Amid the latest interracial and interfaith tensions testing multicultural Malaysia today, the de facto law minister thinks most can be attributed to misunderstandings due to preconceived notions enforced by ethnic stereotypes.

“To me, personally, racial tension or racial disharmony arises because we are not able to find what we have in common.

“If we can find a common ground and identify ourselves as such, that in turn will lead to all of us living harmoniously without inciting each other and having to enact laws or Bills to restrict our speech,” the minister in the Prime Minister’s Department told Malay Mail when contacted yesterday.

Malaysia’s celebrated cultural plurality also frequently triggers clashes between its people of different ancestry and beliefs.

The latest firestorm broke out last Saturday ahead of the Hari Raya Haji holiday, fuelled by two separate incidents.
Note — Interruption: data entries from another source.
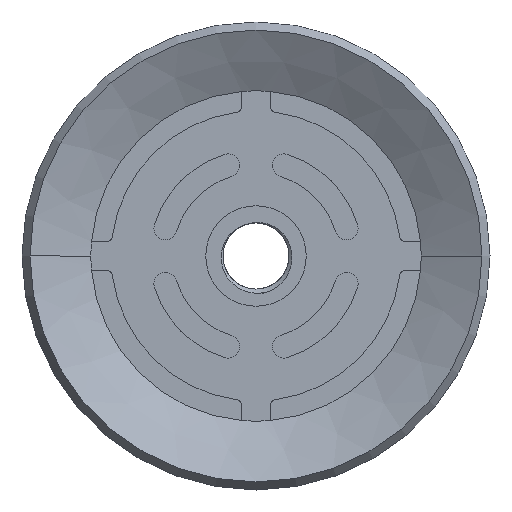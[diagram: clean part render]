
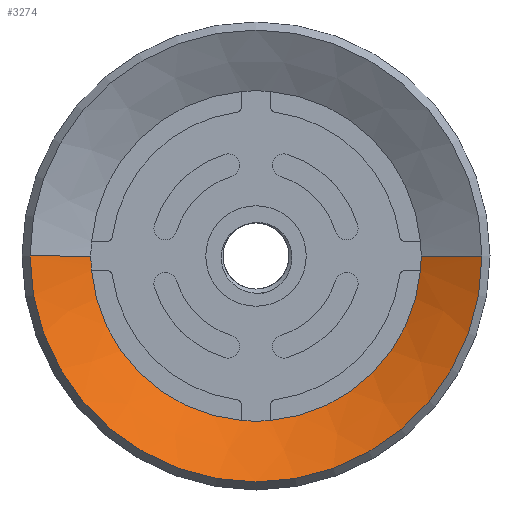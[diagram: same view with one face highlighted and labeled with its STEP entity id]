
A CAD part, front view. The second image highlights one B-rep face of the part: STEP entity #3274.
In plain terms, the highlighted conical face has half-angle 60.489 degrees and reference radius 39.35 mm.
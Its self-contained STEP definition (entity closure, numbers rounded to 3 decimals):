
#68 = CARTESIAN_POINT ( 'NONE',  ( 28.75, -12., 0. ) ) ;
#139 = DIRECTION ( 'NONE',  ( 0., 1., 0. ) ) ;
#183 = CARTESIAN_POINT ( 'NONE',  ( 0., -12., 0. ) ) ;
#202 = ORIENTED_EDGE ( 'NONE', *, *, #5468, .T. ) ;
#280 = AXIS2_PLACEMENT_3D ( 'NONE', #4096, #2733, #5382 ) ;
#539 = CARTESIAN_POINT ( 'NONE',  ( 0., -12., 0. ) ) ;
#724 = CARTESIAN_POINT ( 'NONE',  ( 0., -18., 0. ) ) ;
#816 = CARTESIAN_POINT ( 'NONE',  ( 0., -12., 0. ) ) ;
#1059 = DIRECTION ( 'NONE',  ( -1., 0., 0. ) ) ;
#1136 = DIRECTION ( 'NONE',  ( -1., 0., 0. ) ) ;
#1277 = AXIS2_PLACEMENT_3D ( 'NONE', #3463, #2163, #2586 ) ;
#1359 = VERTEX_POINT ( 'NONE', #3561 ) ;
#1434 = DIRECTION ( 'NONE',  ( -1., 0., 0. ) ) ;
#1455 = EDGE_CURVE ( 'NONE', #3969, #4336, #4588, .T. ) ;
#1485 = ORIENTED_EDGE ( 'NONE', *, *, #1761, .F. ) ;
#1657 = CARTESIAN_POINT ( 'NONE',  ( 28.641, -12., -2.5 ) ) ;
#1660 = DIRECTION ( 'NONE',  ( 0., 1., 0. ) ) ;
#1697 = CIRCLE ( 'NONE', #4687, 28.75 ) ;
#1745 = VERTEX_POINT ( 'NONE', #5141 ) ;
#1761 = EDGE_CURVE ( 'NONE', #4336, #5074, #3903, .T. ) ;
#1799 = DIRECTION ( 'NONE',  ( 0.87, -0.493, 0. ) ) ;
#1810 = LINE ( 'NONE', #4406, #2133 ) ;
#1840 = ORIENTED_EDGE ( 'NONE', *, *, #3744, .T. ) ;
#1861 = DIRECTION ( 'NONE',  ( 0., 0., -1. ) ) ;
#1987 = CIRCLE ( 'NONE', #1277, 28.75 ) ;
#2027 = CONICAL_SURFACE ( 'NONE', #280, 39.35, 1.056 ) ;
#2133 = VECTOR ( 'NONE', #3945, 1000. ) ;
#2142 = VERTEX_POINT ( 'NONE', #1657 ) ;
#2163 = DIRECTION ( 'NONE',  ( 0., 1., 0. ) ) ;
#2205 = CIRCLE ( 'NONE', #3449, 28.75 ) ;
#2257 = CIRCLE ( 'NONE', #4399, 39.35 ) ;
#2423 = EDGE_CURVE ( 'NONE', #1359, #3400, #3834, .T. ) ;
#2483 = CARTESIAN_POINT ( 'NONE',  ( 0., -18., 0. ) ) ;
#2486 = CARTESIAN_POINT ( 'NONE',  ( 0., -18., -39.35 ) ) ;
#2582 = CARTESIAN_POINT ( 'NONE',  ( -28.75, -12., 0. ) ) ;
#2586 = DIRECTION ( 'NONE',  ( -1., 0., 0. ) ) ;
#2670 = FACE_OUTER_BOUND ( 'NONE', #4724, .T. ) ;
#2686 = CARTESIAN_POINT ( 'NONE',  ( 0., -12., 0. ) ) ;
#2733 = DIRECTION ( 'NONE',  ( 0., -1., 0. ) ) ;
#2787 = AXIS2_PLACEMENT_3D ( 'NONE', #183, #5026, #1059 ) ;
#2954 = CARTESIAN_POINT ( 'NONE',  ( 39.35, -18., 0. ) ) ;
#2997 = DIRECTION ( 'NONE',  ( 1., 0., 0. ) ) ;
#3274 = ADVANCED_FACE ( 'NONE', ( #2670 ), #2027, .F. ) ;
#3291 = VECTOR ( 'NONE', #1799, 1000. ) ;
#3400 = VERTEX_POINT ( 'NONE', #4547 ) ;
#3449 = AXIS2_PLACEMENT_3D ( 'NONE', #539, #3628, #1861 ) ;
#3463 = CARTESIAN_POINT ( 'NONE',  ( 0., -12., 0. ) ) ;
#3510 = EDGE_CURVE ( 'NONE', #5074, #5147, #2257, .T. ) ;
#3527 = CARTESIAN_POINT ( 'NONE',  ( -39.35, -18., 0. ) ) ;
#3561 = CARTESIAN_POINT ( 'NONE',  ( 2.5, -12., -28.641 ) ) ;
#3628 = DIRECTION ( 'NONE',  ( 0., 1., 0. ) ) ;
#3744 = EDGE_CURVE ( 'NONE', #2142, #1359, #1697, .T. ) ;
#3754 = DIRECTION ( 'NONE',  ( 0., 1., 0. ) ) ;
#3803 = VERTEX_POINT ( 'NONE', #2582 ) ;
#3834 = CIRCLE ( 'NONE', #5000, 28.75 ) ;
#3903 = CIRCLE ( 'NONE', #5243, 39.35 ) ;
#3945 = DIRECTION ( 'NONE',  ( -0.87, -0.493, 0. ) ) ;
#3969 = VERTEX_POINT ( 'NONE', #68 ) ;
#4096 = CARTESIAN_POINT ( 'NONE',  ( 0., -18., 0. ) ) ;
#4145 = EDGE_CURVE ( 'NONE', #3400, #1745, #2205, .T. ) ;
#4150 = ORIENTED_EDGE ( 'NONE', *, *, #1455, .F. ) ;
#4336 = VERTEX_POINT ( 'NONE', #2954 ) ;
#4399 = AXIS2_PLACEMENT_3D ( 'NONE', #2483, #3754, #1136 ) ;
#4400 = CARTESIAN_POINT ( 'NONE',  ( 39.35, -18., 0. ) ) ;
#4406 = CARTESIAN_POINT ( 'NONE',  ( -39.35, -18., 0. ) ) ;
#4499 = ORIENTED_EDGE ( 'NONE', *, *, #4662, .T. ) ;
#4547 = CARTESIAN_POINT ( 'NONE',  ( -2.5, -12., -28.641 ) ) ;
#4588 = LINE ( 'NONE', #4400, #3291 ) ;
#4662 = EDGE_CURVE ( 'NONE', #1745, #3803, #4827, .T. ) ;
#4687 = AXIS2_PLACEMENT_3D ( 'NONE', #816, #1660, #2997 ) ;
#4724 = EDGE_LOOP ( 'NONE', ( #4499, #202, #5270, #1485, #4150, #5208, #1840, #5434, #5542 ) ) ;
#4827 = CIRCLE ( 'NONE', #2787, 28.75 ) ;
#5000 = AXIS2_PLACEMENT_3D ( 'NONE', #2686, #139, #1434 ) ;
#5026 = DIRECTION ( 'NONE',  ( 0., 1., 0. ) ) ;
#5074 = VERTEX_POINT ( 'NONE', #2486 ) ;
#5141 = CARTESIAN_POINT ( 'NONE',  ( -28.641, -12., -2.5 ) ) ;
#5147 = VERTEX_POINT ( 'NONE', #3527 ) ;
#5158 = EDGE_CURVE ( 'NONE', #3969, #2142, #1987, .T. ) ;
#5208 = ORIENTED_EDGE ( 'NONE', *, *, #5158, .T. ) ;
#5243 = AXIS2_PLACEMENT_3D ( 'NONE', #724, #5579, #5614 ) ;
#5270 = ORIENTED_EDGE ( 'NONE', *, *, #3510, .F. ) ;
#5382 = DIRECTION ( 'NONE',  ( 1., 0., 0. ) ) ;
#5434 = ORIENTED_EDGE ( 'NONE', *, *, #2423, .T. ) ;
#5468 = EDGE_CURVE ( 'NONE', #3803, #5147, #1810, .T. ) ;
#5542 = ORIENTED_EDGE ( 'NONE', *, *, #4145, .T. ) ;
#5579 = DIRECTION ( 'NONE',  ( 0., 1., 0. ) ) ;
#5614 = DIRECTION ( 'NONE',  ( -1., 0., 0. ) ) ;

The first over reported remarks by Mumbai-born Islamic preacher Dr Zakir Naik that Indian Malaysians may be more loyal to their ancestral homeland than the country in which they were born and raised; and the second over a fatal road rage incident involving drivers of Chinese and Malay descent.

Liew said the government’s proposed National Harmony and Reconciliation Commission — aimed at strengthening racial and religious ties — is in its final stage of discussions.

He is hopeful the final draft for its set-up will be ready by October 16 when the Dewan Rakyat reconvenes.

The commission was proposed last year by Islamic Affairs Minister Datuk Seri Mujahid Yusof Rawa in place of two Bills to combat rising extremism and bigotry and is under the purview of National Unity and Social Wellbeing Minister P. Waytha Moorthy.

However, the senator did not respond to Malay Mail’s attempts to contact him for comment. It is understood Waytha is currently abroad.

Liew, who is also permanent chairman of Parti Warisan Sabah, told Malay Mail that there are rarely interracial conflicts in his home state; the reason being Sabahans have been taught from a young age to be tolerant of people with different beliefs and cultural practices.

He added that part of the reason why tolerance and understanding is deeply ingrained among Sabahans is because of the frequency of intermarriages, which helps the different communities learn more about other cultures and their sensitivities.

The Batu Sapi MP said Sabahans never look at a person’s race or colour.

“In Sabah, we don’t have this kind of problem. I don’t see the colour of you. I see you as you are, I see you as a Malaysian. We’ve been trained and educated like this,” said Liew.

“Our families have such values because of a lot of intermarriages. It helps us a lot to understand each other more.

“I sincerely hope we can all look at things from this angle and learn to progress as a nation based on our common ground,” he said.

Following the public uproar over the road rage incident that is being investigated under Section 302 of the Penal Code for murder, Liew believes the case stemmed from a misunderstanding that spiralled out of control that is now likely being regretted by the survivor.

“In that particular case, it was two individuals. There was a misunderstanding that went out of control, then it caused that incident, which is regrettable.

“I’m sure the person who was arrested is pondering whether his action was worth it. We must always remember to calm down and ensure we do not lose control of any situation. Because it can happen to anyone,” said Liew.

The minister thinks the public outcry over the accident has been blown out of proportion due to the racial overtones, pointing out that accidents and road rage can happen between people of the same ethnic background without creating as much of a stir.

“Sometimes, it can happen to the same race, you know. Between friends and so on. They can lose control too,” he said.

The road rage incident that resulted in the death of a 29-year-old Malay man took place in Bangi, Selangor on August 10.

According to police statements, a 40-year-old Chinese driver reversed into the Malay man who had earlier used a baseball bat to smash the former’s car bonnet following an altercation.

The Chinese man and his 36-year-old wife who was in the car when the incident occurred are currently under police remand until August 17.

The police have issued a reminder urging the public not to turn the incident into a racial issue.